In a new study, researchers from Cornell University, the University of Virginia, the University of Delaware, the University of Missouri, the German European Molecular Biology Laboratory, and the Austrian Institute of Science and Technology provided new details of how the HIV-1 viral structure is assembled. This discovery provides a potential new target for the treatment of this viral infection. The relevant research results were published online in Nature.

 

This study reports that a small molecule called inositol hexakisphosphate (IP6) found in mammalian cells plays an important role in the immature development of this virus (occurring in infected cells) and maturation (occurs after the virus buds from the cell membrane and is cleaved from the cell).

 

 

Robert Dick, the first author of the paper and a postdoctoral researcher at Cornell University, said, “This small molecule plays a role in two different steps in the HIV-1 assembly pathway.” Dick is working in the lab of Volker Vogt, a senior author of the paper and a professor of molecular biology and genetics at Cornell University.

 

In the immature developmental and mature developmental stages of HIV-1, IP6 plays a key role in the pathways that form the protein lattice structure.
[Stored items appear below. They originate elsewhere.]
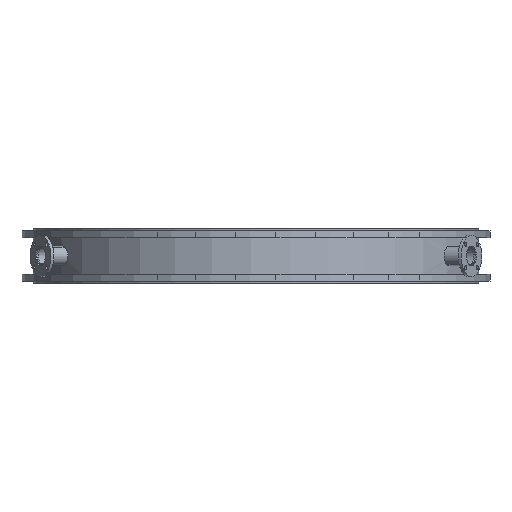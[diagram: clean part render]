
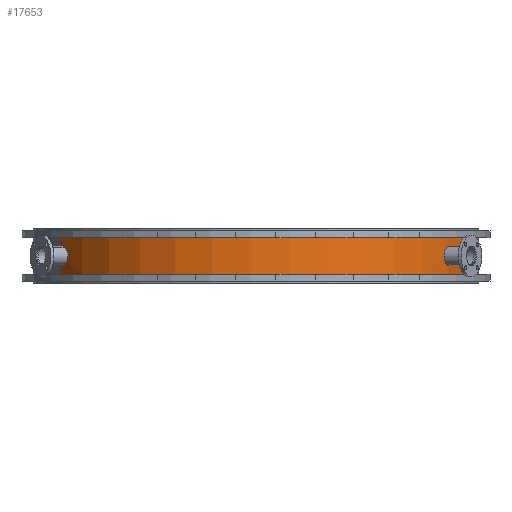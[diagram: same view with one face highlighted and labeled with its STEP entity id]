
A CAD part, left-side view. The second image highlights one B-rep face of the part: STEP entity #17653.
In plain terms, the highlighted cylindrical face has radius 1025 mm (diameter 2050 mm), a partial arc.
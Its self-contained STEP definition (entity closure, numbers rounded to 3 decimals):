
#161=CARTESIAN_POINT('Vertex',(491.411,-899.522,-85.)) ;
#163=CARTESIAN_POINT('Vertex',(-491.411,899.522,-85.)) ;
#166=CARTESIAN_POINT('Axis2P3D Location',(0.,0.,-85.)) ;
#2821=CARTESIAN_POINT('Axis2P3D Location',(0.,0.,0.)) ;
#17080=CARTESIAN_POINT('Axis2P3D Location',(0.,0.,85.)) ;
#17084=CARTESIAN_POINT('Vertex',(-491.411,899.522,85.)) ;
#17086=CARTESIAN_POINT('Vertex',(491.411,-899.522,85.)) ;
#17547=CARTESIAN_POINT('Line Origine',(-491.411,899.522,-20.)) ;
#17551=CARTESIAN_POINT('Vertex',(-491.411,899.522,-37.294)) ;
#17554=CARTESIAN_POINT('Line Origine',(491.411,-899.522,-20.)) ;
#17559=CARTESIAN_POINT('Line Origine',(-491.411,899.522,-20.)) ;
#17563=CARTESIAN_POINT('Vertex',(-491.411,899.522,37.294)) ;
#17567=CARTESIAN_POINT('Control Point',(-550.513,864.616,0.)) ;
#17568=CARTESIAN_POINT('Control Point',(-550.513,864.616,6.969)) ;
#17569=CARTESIAN_POINT('Control Point',(-549.36,865.35,13.938)) ;
#17570=CARTESIAN_POINT('Control Point',(-547.052,866.82,20.549)) ;
#17571=CARTESIAN_POINT('Control Point',(-542.03,869.981,29.398)) ;
#17572=CARTESIAN_POINT('Control Point',(-535.124,874.231,36.078)) ;
#17573=CARTESIAN_POINT('Control Point',(-532.636,875.75,38.033)) ;
#17574=CARTESIAN_POINT('Control Point',(-527.355,878.947,41.345)) ;
#17575=CARTESIAN_POINT('Control Point',(-521.598,882.371,43.396)) ;
#17576=CARTESIAN_POINT('Control Point',(-518.635,884.116,44.089)) ;
#17577=CARTESIAN_POINT('Control Point',(-511.186,888.46,44.958)) ;
#17578=CARTESIAN_POINT('Control Point',(-503.687,892.728,43.735)) ;
#17579=CARTESIAN_POINT('Control Point',(-499.325,895.173,42.263)) ;
#17580=CARTESIAN_POINT('Control Point',(-495.196,897.454,40.09)) ;
#17581=CARTESIAN_POINT('Control Point',(-491.411,899.522,37.294)) ;
#17582=CARTESIAN_POINT('Vertex',(-550.513,864.616,0.)) ;
#17586=CARTESIAN_POINT('Control Point',(-491.411,899.522,-37.294)) ;
#17587=CARTESIAN_POINT('Control Point',(-495.16,897.474,-40.063)) ;
#17588=CARTESIAN_POINT('Control Point',(-499.245,895.217,-42.221)) ;
#17589=CARTESIAN_POINT('Control Point',(-503.561,892.799,-43.693)) ;
#17590=CARTESIAN_POINT('Control Point',(-511.012,888.56,-44.944)) ;
#17591=CARTESIAN_POINT('Control Point',(-518.422,884.241,-44.128)) ;
#17592=CARTESIAN_POINT('Control Point',(-521.389,882.494,-43.454)) ;
#17593=CARTESIAN_POINT('Control Point',(-530.041,877.352,-40.434)) ;
#17594=CARTESIAN_POINT('Control Point',(-537.633,872.711,-34.57)) ;
#17595=CARTESIAN_POINT('Control Point',(-541.949,870.024,-29.53)) ;
#17596=CARTESIAN_POINT('Control Point',(-547.002,866.847,-20.642)) ;
#17597=CARTESIAN_POINT('Control Point',(-549.624,865.182,-10.552)) ;
#17598=CARTESIAN_POINT('Control Point',(-550.216,864.805,-7.065)) ;
#17599=CARTESIAN_POINT('Control Point',(-550.513,864.616,-3.533)) ;
#17600=CARTESIAN_POINT('Control Point',(-550.513,864.616,0.)) ;
#17612=CARTESIAN_POINT('Control Point',(-550.513,-864.616,0.)) ;
#17613=CARTESIAN_POINT('Control Point',(-550.513,-864.616,-6.969)) ;
#17614=CARTESIAN_POINT('Control Point',(-549.36,-865.35,-13.938)) ;
#17615=CARTESIAN_POINT('Control Point',(-547.052,-866.82,-20.549)) ;
#17616=CARTESIAN_POINT('Control Point',(-540.357,-871.035,-32.348)) ;
#17617=CARTESIAN_POINT('Control Point',(-530.31,-877.184,-40.29)) ;
#17618=CARTESIAN_POINT('Control Point',(-524.649,-880.591,-43.044)) ;
#17619=CARTESIAN_POINT('Control Point',(-512.641,-887.663,-45.817)) ;
#17620=CARTESIAN_POINT('Control Point',(-500.5,-894.538,-43.122)) ;
#17621=CARTESIAN_POINT('Control Point',(-494.707,-897.745,-40.406)) ;
#17622=CARTESIAN_POINT('Control Point',(-484.284,-903.414,-32.502)) ;
#17623=CARTESIAN_POINT('Control Point',(-477.215,-907.144,-20.692)) ;
#17624=CARTESIAN_POINT('Control Point',(-474.753,-908.425,-14.039)) ;
#17625=CARTESIAN_POINT('Control Point',(-473.523,-909.066,-7.019)) ;
#17626=CARTESIAN_POINT('Control Point',(-473.523,-909.066,0.)) ;
#17627=CARTESIAN_POINT('Vertex',(-550.513,-864.616,0.)) ;
#17629=CARTESIAN_POINT('Vertex',(-473.523,-909.066,0.)) ;
#17633=CARTESIAN_POINT('Control Point',(-473.523,-909.066,0.)) ;
#17634=CARTESIAN_POINT('Control Point',(-473.523,-909.066,6.969)) ;
#17635=CARTESIAN_POINT('Control Point',(-474.735,-908.434,13.938)) ;
#17636=CARTESIAN_POINT('Control Point',(-477.162,-907.171,20.549)) ;
#17637=CARTESIAN_POINT('Control Point',(-484.16,-903.48,32.348)) ;
#17638=CARTESIAN_POINT('Control Point',(-494.509,-897.854,40.29)) ;
#17639=CARTESIAN_POINT('Control Point',(-500.29,-894.655,43.044)) ;
#17640=CARTESIAN_POINT('Control Point',(-512.419,-887.792,45.817)) ;
#17641=CARTESIAN_POINT('Control Point',(-524.442,-880.715,43.122)) ;
#17642=CARTESIAN_POINT('Control Point',(-530.116,-877.302,40.406)) ;
#17643=CARTESIAN_POINT('Control Point',(-540.238,-871.109,32.502)) ;
#17644=CARTESIAN_POINT('Control Point',(-547.002,-866.852,20.692)) ;
#17645=CARTESIAN_POINT('Control Point',(-549.343,-865.361,14.039)) ;
#17646=CARTESIAN_POINT('Control Point',(-550.513,-864.616,7.019)) ;
#17647=CARTESIAN_POINT('Control Point',(-550.513,-864.616,0.)) ;
#167=DIRECTION('Axis2P3D Direction',(0.,0.,1.)) ;
#2822=DIRECTION('Axis2P3D Direction',(0.,0.,1.)) ;
#2823=DIRECTION('Axis2P3D XDirection',(0.479,-0.878,0.)) ;
#17081=DIRECTION('Axis2P3D Direction',(0.,0.,1.)) ;
#17548=DIRECTION('Vector Direction',(0.,0.,1.)) ;
#17555=DIRECTION('Vector Direction',(0.,0.,1.)) ;
#17560=DIRECTION('Vector Direction',(0.,0.,1.)) ;
#168=AXIS2_PLACEMENT_3D('Circle Axis2P3D',#166,#167,$) ;
#2824=AXIS2_PLACEMENT_3D('Cylinder Axis2P3D',#2821,#2822,#2823) ;
#17082=AXIS2_PLACEMENT_3D('Circle Axis2P3D',#17080,#17081,$) ;
#17603=ORIENTED_EDGE('',*,*,#17553,.T.) ;
#17604=ORIENTED_EDGE('',*,*,#170,.T.) ;
#17605=ORIENTED_EDGE('',*,*,#17558,.F.) ;
#17606=ORIENTED_EDGE('',*,*,#17088,.F.) ;
#17607=ORIENTED_EDGE('',*,*,#17565,.T.) ;
#17608=ORIENTED_EDGE('',*,*,#17584,.F.) ;
#17609=ORIENTED_EDGE('',*,*,#17601,.F.) ;
#17650=ORIENTED_EDGE('',*,*,#17631,.F.) ;
#17651=ORIENTED_EDGE('',*,*,#17648,.F.) ;
#17652=FACE_BOUND('',#17649,.T.) ;
#17549=VECTOR('Line Direction',#17548,1.) ;
#17556=VECTOR('Line Direction',#17555,1.) ;
#17561=VECTOR('Line Direction',#17560,1.) ;
#17653=ADVANCED_FACE('corpo principale',(#17610,#17652),#2825,.T.) ;
#17566=B_SPLINE_CURVE_WITH_KNOTS('',5,(#17567,#17568,#17569,#17570,#17571,#17572,#17573,#17574,#17575,#17576,#17577,#17578,#17579,#17580,#17581),.UNSPECIFIED.,.F.,.U.,(6,3,3,3,6),(0.,49.279,73.935,98.579,134.924),.UNSPECIFIED.) ;
#17585=B_SPLINE_CURVE_WITH_KNOTS('',5,(#17586,#17587,#17588,#17589,#17590,#17591,#17592,#17593,#17594,#17595,#17596,#17597,#17598,#17599,#17600),.UNSPECIFIED.,.F.,.U.,(6,3,3,3,6),(62.584,98.579,123.22,172.528,197.508),.UNSPECIFIED.) ;
#17611=B_SPLINE_CURVE_WITH_KNOTS('',5,(#17612,#17613,#17614,#17615,#17616,#17617,#17618,#17619,#17620,#17621,#17622,#17623,#17624,#17625,#17626),.UNSPECIFIED.,.F.,.U.,(6,3,3,3,6),(0.,49.279,98.579,147.875,197.508),.UNSPECIFIED.) ;
#17632=B_SPLINE_CURVE_WITH_KNOTS('',5,(#17633,#17634,#17635,#17636,#17637,#17638,#17639,#17640,#17641,#17642,#17643,#17644,#17645,#17646,#17647),.UNSPECIFIED.,.F.,.U.,(6,3,3,3,6),(0.,49.279,98.579,147.875,197.508),.UNSPECIFIED.) ;
#169=CIRCLE('generated circle',#168,1025.) ;
#17083=CIRCLE('generated circle',#17082,1025.) ;
#2825=CYLINDRICAL_SURFACE('generated cylinder',#2824,1025.) ;
#170=EDGE_CURVE('',#164,#162,#169,.T.) ;
#17088=EDGE_CURVE('',#17085,#17087,#17083,.T.) ;
#17553=EDGE_CURVE('',#17552,#164,#17550,.F.) ;
#17558=EDGE_CURVE('',#17087,#162,#17557,.F.) ;
#17565=EDGE_CURVE('',#17085,#17564,#17562,.F.) ;
#17584=EDGE_CURVE('',#17583,#17564,#17566,.T.) ;
#17601=EDGE_CURVE('',#17552,#17583,#17585,.T.) ;
#17631=EDGE_CURVE('',#17628,#17630,#17611,.T.) ;
#17648=EDGE_CURVE('',#17630,#17628,#17632,.T.) ;
#17602=EDGE_LOOP('',(#17603,#17604,#17605,#17606,#17607,#17608,#17609)) ;
#17649=EDGE_LOOP('',(#17650,#17651)) ;
#17610=FACE_OUTER_BOUND('',#17602,.T.) ;
#17550=LINE('Line',#17547,#17549) ;
#17557=LINE('Line',#17554,#17556) ;
#17562=LINE('Line',#17559,#17561) ;
#162=VERTEX_POINT('',#161) ;
#164=VERTEX_POINT('',#163) ;
#17085=VERTEX_POINT('',#17084) ;
#17087=VERTEX_POINT('',#17086) ;
#17552=VERTEX_POINT('',#17551) ;
#17564=VERTEX_POINT('',#17563) ;
#17583=VERTEX_POINT('',#17582) ;
#17628=VERTEX_POINT('',#17627) ;
#17630=VERTEX_POINT('',#17629) ;

When the virus develops within the cell, it helps to assemble the immature lattice. This immature crystal lattice undergoes degradation after germination of the virus and is cut from the cell membrane. During this time, IP6 also promotes the assembly of a mature protein lattice within this viral particle.

 

In this study, the researchers purified a structural protein called the Gag protein and mixed it with a nucleic acid that acts as a template, which forms a viral protein lattice type that is found during immature developmental stages. Dick and colleagues used a stain and electron microscope to observe the rounded virus particles on the grid (basically the viral protein lattice).

 

These researchers repeated the assembly reaction between Gag protein, nucleic acid, and buffer in the presence and absence of IP6. Dick said, “The first few experiments tell us that what we observed is very compelling. The presence of IP6 has greatly increased the number of virus particles we can detect.”

 

Nonetheless, these researchers are not sure where IP6 acts on the Gag protein to make an impact, so they construct different versions of the Gag protein and narrow the range of active sites to predict where IP6 molecules will play and to produce a lattice structure.

 

 

During this time, the researchers contacted Owen Pornillos and Barbie Ganser-Pornillos, researchers of the Department of Molecular Physiology and Biophysics at the University of Virginia, in which Pornillo and Ganser-Pornillos obtained crystallographic data when IP6 molecules interacted with Gag proteins.

 

During the mature developmental stage of the HIV-1 virus, these researchers found that IP6 interacts at sites which exposed after cleavage of the virus particles from the cells. During this time, a new lattice of different proteins (rather than an immature lattice) was produced.

 

These results find the way to the development of potential new therapies. One strategy is to develop or identify drugs that are similar to IP6 and bind to the same site as IP6, thereby blocking this small molecule and preventing the virus from maturing.

 

“One cell can produce millions of viral particles, but if these viral particles don’t go through this maturity, they are not contagious,” Dick said.

 

 

Reference

Robert A. Dick, Kaneil K. Zadrozny, Chaoyi Xu et al. Inositol phosphates are assembly co-factors for HIV-1. Nature, Published Online: 01 August 2018, doi:10.1038/s41586-018-0396-4.